*WORK REQUIRED:*
For the word "ezdxf", search the records and show each line in which it occurs.

*EXERCISE DATA:*

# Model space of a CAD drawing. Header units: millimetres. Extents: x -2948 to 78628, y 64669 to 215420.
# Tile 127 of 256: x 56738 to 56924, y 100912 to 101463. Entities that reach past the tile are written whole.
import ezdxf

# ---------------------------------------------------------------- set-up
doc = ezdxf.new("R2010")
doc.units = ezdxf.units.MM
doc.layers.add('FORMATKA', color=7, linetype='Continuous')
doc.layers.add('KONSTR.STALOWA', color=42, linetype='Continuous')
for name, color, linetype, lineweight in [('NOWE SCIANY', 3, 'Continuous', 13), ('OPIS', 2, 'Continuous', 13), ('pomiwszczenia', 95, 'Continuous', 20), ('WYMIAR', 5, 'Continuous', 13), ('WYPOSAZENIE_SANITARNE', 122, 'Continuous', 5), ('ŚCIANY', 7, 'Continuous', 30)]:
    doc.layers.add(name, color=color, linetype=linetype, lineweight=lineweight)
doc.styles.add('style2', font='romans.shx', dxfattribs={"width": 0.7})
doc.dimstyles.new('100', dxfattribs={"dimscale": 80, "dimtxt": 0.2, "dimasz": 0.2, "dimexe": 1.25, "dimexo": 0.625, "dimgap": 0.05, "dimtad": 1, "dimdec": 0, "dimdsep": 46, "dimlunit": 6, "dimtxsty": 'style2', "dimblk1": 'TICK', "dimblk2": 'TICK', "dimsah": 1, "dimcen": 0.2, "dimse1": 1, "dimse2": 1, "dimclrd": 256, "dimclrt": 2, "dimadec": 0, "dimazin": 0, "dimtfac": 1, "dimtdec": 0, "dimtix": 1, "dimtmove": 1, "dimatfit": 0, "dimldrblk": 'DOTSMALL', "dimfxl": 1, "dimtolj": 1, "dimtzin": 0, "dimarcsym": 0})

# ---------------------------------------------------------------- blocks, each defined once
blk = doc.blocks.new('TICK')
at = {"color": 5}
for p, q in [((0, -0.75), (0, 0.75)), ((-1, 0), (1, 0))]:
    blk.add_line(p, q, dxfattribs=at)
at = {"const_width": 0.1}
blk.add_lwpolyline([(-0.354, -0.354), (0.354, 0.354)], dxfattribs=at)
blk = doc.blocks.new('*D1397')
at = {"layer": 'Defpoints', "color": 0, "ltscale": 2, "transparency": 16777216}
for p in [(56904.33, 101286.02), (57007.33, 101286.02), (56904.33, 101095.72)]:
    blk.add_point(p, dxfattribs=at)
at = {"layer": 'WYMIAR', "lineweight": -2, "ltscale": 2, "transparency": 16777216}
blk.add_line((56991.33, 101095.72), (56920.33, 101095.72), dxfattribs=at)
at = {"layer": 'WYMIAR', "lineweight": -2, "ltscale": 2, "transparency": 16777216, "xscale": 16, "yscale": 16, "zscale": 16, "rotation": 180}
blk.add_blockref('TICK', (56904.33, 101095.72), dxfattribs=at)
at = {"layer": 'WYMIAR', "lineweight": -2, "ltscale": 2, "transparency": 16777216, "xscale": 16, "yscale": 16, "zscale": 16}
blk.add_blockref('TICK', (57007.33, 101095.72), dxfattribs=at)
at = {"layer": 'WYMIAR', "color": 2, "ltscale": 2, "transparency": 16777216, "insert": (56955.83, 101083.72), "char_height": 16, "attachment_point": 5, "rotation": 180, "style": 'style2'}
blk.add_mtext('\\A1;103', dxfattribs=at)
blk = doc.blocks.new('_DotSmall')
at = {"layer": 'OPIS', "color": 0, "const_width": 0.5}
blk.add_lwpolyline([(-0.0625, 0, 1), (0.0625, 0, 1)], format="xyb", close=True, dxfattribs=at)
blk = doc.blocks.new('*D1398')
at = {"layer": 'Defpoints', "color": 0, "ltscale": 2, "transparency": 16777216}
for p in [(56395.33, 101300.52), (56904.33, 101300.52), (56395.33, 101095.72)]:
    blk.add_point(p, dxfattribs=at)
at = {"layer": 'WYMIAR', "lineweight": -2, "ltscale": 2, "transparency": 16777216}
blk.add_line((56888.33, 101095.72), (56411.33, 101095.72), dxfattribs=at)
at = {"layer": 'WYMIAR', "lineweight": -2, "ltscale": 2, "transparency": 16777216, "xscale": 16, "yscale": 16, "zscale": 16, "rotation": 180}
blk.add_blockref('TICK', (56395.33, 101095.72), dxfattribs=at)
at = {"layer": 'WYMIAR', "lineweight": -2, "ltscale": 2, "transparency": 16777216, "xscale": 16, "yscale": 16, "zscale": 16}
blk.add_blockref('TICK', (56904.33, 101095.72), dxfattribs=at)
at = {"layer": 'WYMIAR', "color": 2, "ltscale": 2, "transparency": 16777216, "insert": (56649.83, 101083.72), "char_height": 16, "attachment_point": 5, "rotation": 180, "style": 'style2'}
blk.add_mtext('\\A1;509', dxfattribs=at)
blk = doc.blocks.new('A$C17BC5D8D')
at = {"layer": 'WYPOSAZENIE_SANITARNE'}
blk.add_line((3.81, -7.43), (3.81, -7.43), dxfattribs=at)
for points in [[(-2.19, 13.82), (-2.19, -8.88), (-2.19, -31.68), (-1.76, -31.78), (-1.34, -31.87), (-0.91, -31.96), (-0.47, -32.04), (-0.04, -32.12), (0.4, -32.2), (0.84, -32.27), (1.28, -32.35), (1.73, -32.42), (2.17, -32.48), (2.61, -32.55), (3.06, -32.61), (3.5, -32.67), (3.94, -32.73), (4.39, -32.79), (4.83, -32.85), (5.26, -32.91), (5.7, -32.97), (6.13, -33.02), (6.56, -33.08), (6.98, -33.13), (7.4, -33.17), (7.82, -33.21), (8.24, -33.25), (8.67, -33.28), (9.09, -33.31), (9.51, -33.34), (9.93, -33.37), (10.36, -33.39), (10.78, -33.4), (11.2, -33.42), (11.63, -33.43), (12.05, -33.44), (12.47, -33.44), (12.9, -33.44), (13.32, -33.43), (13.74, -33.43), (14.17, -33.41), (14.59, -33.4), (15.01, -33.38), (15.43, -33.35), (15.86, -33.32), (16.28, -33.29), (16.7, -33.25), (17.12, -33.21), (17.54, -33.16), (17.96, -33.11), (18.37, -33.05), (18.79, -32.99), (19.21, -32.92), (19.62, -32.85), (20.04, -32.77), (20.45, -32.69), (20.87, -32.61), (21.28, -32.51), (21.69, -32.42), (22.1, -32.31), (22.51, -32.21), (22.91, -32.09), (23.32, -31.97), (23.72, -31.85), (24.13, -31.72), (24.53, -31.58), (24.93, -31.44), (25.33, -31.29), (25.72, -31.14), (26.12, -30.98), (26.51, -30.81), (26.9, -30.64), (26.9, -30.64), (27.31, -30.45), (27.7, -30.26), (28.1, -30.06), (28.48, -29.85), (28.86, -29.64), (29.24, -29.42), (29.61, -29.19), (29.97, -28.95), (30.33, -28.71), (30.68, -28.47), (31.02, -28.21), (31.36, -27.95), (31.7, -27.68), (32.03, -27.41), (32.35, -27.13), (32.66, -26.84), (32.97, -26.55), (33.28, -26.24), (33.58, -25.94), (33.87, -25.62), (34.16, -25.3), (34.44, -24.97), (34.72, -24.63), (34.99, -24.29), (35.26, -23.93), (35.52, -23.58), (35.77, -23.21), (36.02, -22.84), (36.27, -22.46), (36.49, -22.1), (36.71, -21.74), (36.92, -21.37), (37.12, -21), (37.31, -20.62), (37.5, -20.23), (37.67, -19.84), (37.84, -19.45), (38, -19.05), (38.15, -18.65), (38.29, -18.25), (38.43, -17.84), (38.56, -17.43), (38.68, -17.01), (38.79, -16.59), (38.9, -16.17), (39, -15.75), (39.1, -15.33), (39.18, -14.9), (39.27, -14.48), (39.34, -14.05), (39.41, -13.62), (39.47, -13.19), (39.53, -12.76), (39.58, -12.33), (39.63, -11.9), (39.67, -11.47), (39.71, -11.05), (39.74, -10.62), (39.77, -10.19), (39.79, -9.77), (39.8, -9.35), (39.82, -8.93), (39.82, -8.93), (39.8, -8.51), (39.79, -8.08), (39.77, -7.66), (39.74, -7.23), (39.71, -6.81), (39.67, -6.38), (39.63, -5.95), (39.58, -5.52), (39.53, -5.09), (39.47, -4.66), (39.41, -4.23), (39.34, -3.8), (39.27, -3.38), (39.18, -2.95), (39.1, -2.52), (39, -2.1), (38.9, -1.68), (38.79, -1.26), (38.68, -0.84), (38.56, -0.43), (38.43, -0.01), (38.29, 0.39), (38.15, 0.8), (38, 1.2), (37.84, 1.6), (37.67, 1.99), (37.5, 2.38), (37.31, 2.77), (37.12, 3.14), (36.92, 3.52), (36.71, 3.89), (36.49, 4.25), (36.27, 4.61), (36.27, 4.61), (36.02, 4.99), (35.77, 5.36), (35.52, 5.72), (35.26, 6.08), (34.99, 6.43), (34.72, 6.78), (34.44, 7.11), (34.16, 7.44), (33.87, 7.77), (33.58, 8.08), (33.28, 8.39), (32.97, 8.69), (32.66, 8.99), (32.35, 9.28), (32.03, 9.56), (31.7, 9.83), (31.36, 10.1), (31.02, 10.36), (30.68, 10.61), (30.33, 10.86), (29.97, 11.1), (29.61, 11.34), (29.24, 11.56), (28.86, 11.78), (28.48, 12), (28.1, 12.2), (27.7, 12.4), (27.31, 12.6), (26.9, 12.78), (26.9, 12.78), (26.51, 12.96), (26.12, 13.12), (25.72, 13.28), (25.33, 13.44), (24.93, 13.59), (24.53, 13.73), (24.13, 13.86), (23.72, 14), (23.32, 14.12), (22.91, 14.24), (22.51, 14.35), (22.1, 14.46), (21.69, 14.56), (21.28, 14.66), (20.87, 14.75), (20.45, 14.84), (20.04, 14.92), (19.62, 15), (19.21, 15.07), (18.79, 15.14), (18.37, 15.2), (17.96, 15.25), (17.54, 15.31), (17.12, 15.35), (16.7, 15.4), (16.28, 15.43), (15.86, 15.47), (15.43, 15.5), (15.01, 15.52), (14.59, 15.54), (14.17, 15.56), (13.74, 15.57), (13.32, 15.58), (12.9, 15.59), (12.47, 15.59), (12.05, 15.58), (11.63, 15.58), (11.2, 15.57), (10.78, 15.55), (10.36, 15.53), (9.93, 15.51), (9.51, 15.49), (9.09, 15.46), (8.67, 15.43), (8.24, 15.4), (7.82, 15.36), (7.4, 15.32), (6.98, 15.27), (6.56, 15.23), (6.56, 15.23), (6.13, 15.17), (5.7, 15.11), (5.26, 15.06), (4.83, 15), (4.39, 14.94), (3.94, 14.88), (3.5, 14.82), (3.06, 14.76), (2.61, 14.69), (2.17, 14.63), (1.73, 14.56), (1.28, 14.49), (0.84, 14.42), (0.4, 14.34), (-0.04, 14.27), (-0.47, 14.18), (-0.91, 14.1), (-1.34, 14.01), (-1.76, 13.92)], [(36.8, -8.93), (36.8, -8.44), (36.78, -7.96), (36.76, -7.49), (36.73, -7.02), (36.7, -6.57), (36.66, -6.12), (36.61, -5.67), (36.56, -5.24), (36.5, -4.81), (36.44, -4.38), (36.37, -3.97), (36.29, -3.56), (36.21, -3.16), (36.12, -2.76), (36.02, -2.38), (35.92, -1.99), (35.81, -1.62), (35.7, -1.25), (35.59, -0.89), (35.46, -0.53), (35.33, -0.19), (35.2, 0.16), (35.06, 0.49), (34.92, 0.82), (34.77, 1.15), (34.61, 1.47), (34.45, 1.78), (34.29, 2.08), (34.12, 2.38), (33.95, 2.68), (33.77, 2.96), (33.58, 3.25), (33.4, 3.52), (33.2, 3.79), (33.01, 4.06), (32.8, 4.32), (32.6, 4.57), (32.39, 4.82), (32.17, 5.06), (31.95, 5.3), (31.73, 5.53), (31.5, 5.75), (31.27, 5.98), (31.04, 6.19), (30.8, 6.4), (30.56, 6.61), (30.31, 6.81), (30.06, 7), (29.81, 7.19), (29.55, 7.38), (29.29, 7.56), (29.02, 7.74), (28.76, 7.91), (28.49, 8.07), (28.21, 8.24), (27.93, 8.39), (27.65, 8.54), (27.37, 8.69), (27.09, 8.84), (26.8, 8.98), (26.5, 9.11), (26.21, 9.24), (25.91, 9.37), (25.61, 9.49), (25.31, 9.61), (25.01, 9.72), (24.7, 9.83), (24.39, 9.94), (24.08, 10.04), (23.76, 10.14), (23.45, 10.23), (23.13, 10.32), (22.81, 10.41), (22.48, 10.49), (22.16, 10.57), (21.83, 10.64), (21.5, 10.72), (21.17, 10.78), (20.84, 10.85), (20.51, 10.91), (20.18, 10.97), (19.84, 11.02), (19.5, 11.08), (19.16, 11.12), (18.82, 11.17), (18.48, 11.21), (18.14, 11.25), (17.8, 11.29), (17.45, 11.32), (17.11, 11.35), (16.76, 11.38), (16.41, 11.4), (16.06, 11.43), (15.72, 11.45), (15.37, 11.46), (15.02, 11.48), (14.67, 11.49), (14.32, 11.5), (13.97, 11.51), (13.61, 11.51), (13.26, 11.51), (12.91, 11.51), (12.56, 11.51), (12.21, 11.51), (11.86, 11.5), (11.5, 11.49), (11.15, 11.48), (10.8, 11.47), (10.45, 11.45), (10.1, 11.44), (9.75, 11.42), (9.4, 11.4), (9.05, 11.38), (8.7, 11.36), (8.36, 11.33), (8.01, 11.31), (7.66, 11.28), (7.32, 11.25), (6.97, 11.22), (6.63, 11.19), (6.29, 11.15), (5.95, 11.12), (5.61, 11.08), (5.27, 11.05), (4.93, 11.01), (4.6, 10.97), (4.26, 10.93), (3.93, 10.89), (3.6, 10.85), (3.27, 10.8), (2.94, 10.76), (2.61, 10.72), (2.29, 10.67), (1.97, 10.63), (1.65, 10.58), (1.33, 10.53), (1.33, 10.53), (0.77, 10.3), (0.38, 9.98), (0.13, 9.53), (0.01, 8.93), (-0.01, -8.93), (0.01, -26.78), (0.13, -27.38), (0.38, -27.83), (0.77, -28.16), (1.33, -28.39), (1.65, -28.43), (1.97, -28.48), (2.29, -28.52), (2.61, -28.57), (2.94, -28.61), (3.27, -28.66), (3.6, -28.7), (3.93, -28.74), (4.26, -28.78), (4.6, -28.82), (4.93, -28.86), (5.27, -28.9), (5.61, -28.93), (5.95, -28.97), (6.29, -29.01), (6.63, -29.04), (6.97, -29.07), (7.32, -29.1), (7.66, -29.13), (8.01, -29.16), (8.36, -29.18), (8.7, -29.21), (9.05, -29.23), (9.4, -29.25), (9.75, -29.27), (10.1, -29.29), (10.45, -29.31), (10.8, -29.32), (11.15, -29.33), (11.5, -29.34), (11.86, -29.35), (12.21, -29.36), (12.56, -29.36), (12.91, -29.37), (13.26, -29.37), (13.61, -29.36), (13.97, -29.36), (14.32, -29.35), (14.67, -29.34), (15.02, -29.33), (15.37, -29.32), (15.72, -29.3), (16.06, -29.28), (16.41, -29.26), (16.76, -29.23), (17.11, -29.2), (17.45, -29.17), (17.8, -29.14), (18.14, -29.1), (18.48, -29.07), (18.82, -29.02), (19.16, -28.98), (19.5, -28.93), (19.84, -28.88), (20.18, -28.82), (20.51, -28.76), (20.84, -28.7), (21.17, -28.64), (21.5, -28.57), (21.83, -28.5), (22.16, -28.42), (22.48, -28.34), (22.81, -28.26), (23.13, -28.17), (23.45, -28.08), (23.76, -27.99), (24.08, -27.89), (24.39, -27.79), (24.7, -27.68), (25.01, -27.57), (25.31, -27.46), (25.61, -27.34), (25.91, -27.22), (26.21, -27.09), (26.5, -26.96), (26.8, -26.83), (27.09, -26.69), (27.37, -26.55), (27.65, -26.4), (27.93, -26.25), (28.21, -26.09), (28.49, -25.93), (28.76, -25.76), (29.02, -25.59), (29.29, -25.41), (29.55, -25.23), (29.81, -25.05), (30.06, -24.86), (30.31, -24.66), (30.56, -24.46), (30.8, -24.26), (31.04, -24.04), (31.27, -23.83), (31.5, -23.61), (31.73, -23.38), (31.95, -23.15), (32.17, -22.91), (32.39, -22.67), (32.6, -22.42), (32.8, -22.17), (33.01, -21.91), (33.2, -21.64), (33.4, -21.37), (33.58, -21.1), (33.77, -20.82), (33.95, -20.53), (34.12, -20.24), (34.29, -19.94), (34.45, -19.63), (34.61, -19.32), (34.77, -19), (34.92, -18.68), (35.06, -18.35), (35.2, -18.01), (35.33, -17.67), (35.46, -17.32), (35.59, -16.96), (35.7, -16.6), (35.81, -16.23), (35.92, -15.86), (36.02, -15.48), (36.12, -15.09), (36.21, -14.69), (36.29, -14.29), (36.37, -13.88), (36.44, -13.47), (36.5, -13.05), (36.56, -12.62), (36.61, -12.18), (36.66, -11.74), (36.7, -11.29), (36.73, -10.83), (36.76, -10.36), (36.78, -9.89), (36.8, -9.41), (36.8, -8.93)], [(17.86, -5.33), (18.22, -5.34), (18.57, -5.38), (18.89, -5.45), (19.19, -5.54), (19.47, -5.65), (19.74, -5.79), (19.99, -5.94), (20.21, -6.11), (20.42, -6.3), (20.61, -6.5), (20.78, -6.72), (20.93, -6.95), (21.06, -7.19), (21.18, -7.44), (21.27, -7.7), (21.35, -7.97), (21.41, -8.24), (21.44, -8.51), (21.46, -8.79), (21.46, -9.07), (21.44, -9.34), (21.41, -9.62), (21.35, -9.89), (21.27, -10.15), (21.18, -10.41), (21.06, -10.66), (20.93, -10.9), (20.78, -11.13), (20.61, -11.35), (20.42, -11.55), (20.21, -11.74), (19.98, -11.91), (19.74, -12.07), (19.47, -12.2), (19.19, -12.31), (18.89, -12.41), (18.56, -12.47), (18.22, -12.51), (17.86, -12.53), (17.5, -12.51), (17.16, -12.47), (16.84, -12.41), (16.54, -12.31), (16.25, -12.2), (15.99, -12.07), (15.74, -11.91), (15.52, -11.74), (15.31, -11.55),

*SOLUTION TO THE EXERCISE:*
import ezdxf
doc = ezdxf.new("R2010")
doc.units = ezdxf.units.MM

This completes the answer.